── DATA FOR THIS EXERCISE

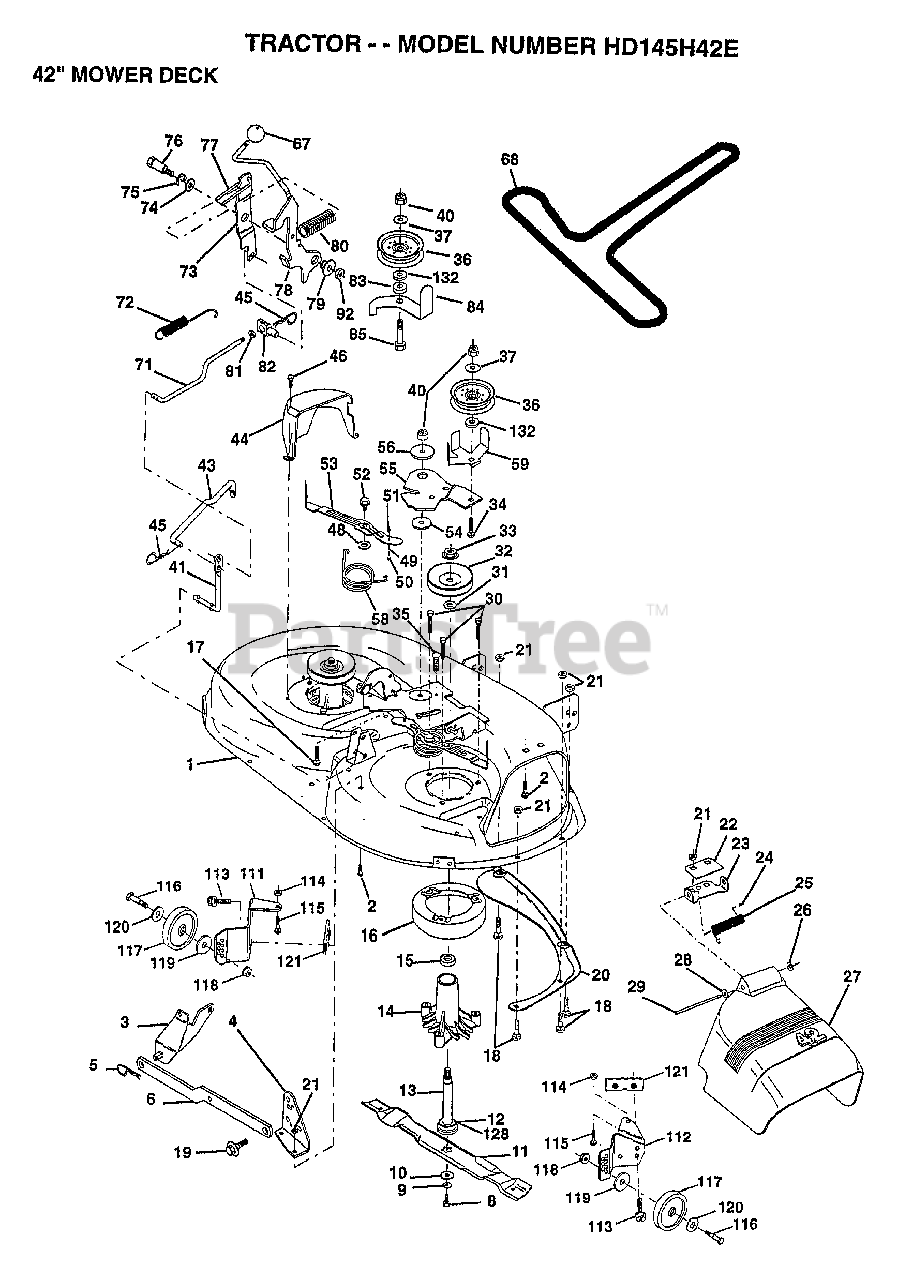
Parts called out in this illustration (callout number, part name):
1	DECK.WELD.42.
2	BOLT
3	BRKT ASM SWAY BAR
4	BRKT DECK SW BAR
8	BLADE BOLT
10	WASHER.HARD.BLADE
11	"BLADE.42"" HIPERF"
12	BEARING.BALL
14	HSG ASM MANDREL
15	BEARING
16	STRIPPER RND MWR
17	BOLT RDHD 3/8-16
18	BOLT
19	BOLT SHD 5/16-18
22	STIFFENER BRKT
23	DEFLECTOR BRKT
24	CAP-SLEEVE LT
25	SPRING TORSION
26	NUT PUSH M
27	DEFLECTOR.SHIELD
28	WASHER
29	HINGE ROD
31	WASHER
32	PULLEY.MANDREL.42
34	BOLT
35	XMAS TREE FASTNER
36	FLAT IDLER PULLEY
37	WASHER
41	PIVOT ROD
43	ROD CLUTCH W/NIBS
44	GUARD MAND LH BLK
45	RETAINER M
46	SCREW.1/4-20X5/8
48	HARD SMALL WASHER
49	ROLLER ASM-CAM
50	SHOULDER BOLT
51	LOCKNUT
52	BOLT.SHLD.5/16-18
54	HARDENED WASHER
55	ARM-IDLER
56	SPACER RETAINER
58	SPRING TORSN BRAK
59	GUARD IDLER TUV
67	KNOB T(3/8 HOLE)
68	BELT.V.T-PATH
71	ROD CLUTCH 38/42
72	RETURN SPRING
73	CLUTCH ARM SECOND
74	WASHER
75	RING
76	SHOULDER BOLT
77	SPRING KEEPER
78	LEVER ASM-CLUTCH
79	BUSHING
80	SPRING.CLUTCH.MWR
81	NUT
82	TRUNION ADJ
83	WASHER
84	"KEEPER-BELT,FIXED"
85	BOLT RDHD 3/8-16
92	NUT
111	BRACKET.GWHL.LH.
112	BRACKET.GWHL.RH.
113	SCREW
116	BOLT M
117	WHEEL.GAGE.BLK.PL
118	LOCKNUT
119	WASHER
120	WASHER
121	BRACKET.EXTRD.GWL
128	WASHER.FELT.
132	WASHER GT

────

_WHAT YOU SHOULD DO_:
From the data above, copy each line that holds "BLADE".

_RESPONSE AREA_:
8	BLADE BOLT
10	WASHER.HARD.BLADE
11	"BLADE.42"" HIPERF"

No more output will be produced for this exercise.